Logisch, dass Netscape die (konfigurierbare) Webmail-Adresse in der Toolbar präsentiert, dass der Browser Festplätze für alle möglichen Web-Anwendungen bis hin zum Online-Banking vorsieht. Klar, unter dem Strich sind das nur grafisch aufgewertete Links, die man in jedem Browser auch selbst setzen könnte. Trotzdem kann Netscape durchaus punkten: Wer seinen Browser relativ bequem auf seine Bedürfnisse zuschneiden möchte, wird all das zu schätzen wissen.
Dazu kommen Details. Das kleine "New Tab"-Lesezeichen am rechten Browserrand ist praktisch. Das sich am linken Bildschirmrand öffnende "My Sidebar" erschließt die Funktionen des Browsers noch einmal in Auflistungsform, wenn man will. Klar, dass auch der AOL Instant Messenger AIM direkt eingebaut ist, ICQ aber ebenfalls: Ein Programmwechsel zwischen Browser und Messenger entfällt.

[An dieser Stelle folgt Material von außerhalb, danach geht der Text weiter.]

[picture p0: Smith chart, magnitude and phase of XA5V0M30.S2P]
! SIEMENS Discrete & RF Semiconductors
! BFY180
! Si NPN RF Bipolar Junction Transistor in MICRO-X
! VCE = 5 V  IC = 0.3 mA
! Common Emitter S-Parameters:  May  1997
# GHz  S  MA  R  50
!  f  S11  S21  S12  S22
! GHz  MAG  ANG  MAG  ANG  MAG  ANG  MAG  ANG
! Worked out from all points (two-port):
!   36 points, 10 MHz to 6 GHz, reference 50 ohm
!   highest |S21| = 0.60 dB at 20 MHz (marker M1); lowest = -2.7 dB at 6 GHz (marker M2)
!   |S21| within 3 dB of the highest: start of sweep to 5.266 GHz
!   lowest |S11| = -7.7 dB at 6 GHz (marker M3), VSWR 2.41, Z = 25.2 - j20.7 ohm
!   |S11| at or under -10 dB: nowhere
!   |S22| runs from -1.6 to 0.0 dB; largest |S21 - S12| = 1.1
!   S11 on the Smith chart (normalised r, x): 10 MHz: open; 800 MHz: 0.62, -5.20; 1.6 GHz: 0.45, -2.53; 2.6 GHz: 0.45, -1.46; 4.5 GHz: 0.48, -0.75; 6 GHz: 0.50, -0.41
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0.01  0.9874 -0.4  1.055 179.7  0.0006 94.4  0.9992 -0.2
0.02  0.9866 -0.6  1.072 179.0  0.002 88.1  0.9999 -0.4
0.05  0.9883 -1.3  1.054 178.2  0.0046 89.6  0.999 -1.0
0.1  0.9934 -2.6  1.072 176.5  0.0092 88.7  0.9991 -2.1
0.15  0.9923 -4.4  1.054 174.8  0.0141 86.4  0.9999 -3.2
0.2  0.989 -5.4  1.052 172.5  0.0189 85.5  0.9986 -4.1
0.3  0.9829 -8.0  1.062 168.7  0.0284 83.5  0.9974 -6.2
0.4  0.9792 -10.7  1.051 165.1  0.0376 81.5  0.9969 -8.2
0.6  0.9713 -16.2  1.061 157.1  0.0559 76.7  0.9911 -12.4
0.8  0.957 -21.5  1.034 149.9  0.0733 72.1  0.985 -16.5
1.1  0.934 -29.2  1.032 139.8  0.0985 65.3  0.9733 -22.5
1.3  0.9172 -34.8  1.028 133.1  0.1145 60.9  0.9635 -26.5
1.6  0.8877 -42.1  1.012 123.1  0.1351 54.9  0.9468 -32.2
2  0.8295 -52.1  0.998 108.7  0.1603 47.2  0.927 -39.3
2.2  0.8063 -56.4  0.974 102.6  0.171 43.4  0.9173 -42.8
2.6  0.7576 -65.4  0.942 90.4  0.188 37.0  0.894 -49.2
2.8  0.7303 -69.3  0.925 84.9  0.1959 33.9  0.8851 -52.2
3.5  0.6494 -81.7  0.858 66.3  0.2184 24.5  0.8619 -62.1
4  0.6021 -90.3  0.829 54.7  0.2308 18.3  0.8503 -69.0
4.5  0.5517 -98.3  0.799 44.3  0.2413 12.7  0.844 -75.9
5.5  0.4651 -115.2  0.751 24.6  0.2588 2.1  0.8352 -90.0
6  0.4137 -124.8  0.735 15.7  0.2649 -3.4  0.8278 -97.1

Der Rest ist Geschmacksache. Ein besseres Produkt unter dem Namen Netscape hat es seit der Programmversion 3.7 nicht mehr gegeben: Nostalgiker und Web-Nutzer, denen Firefox nicht genug zum Spielen und Einstellen bietet, könnten Gefallen daran finden. Microsofts MSIE hat in Netscape 8 einen neuen Konkurrenten, und keinen kraftlosen. Bleibt abzuwarten, ob sich das herumspricht.
Für User in Deutschland wird Netscape 8 aber wohl erst dann wirklich interessant, wenn eine deutschsprachige Lokalisierung mit entsprechenden News- und Servicelinks vorliegt. Vielleicht gibt es bis dahin ja auch ein Nostalgie-Skin im alten Netscape-Gewand, damit man dieses grottenhässliche türkise Design loswird.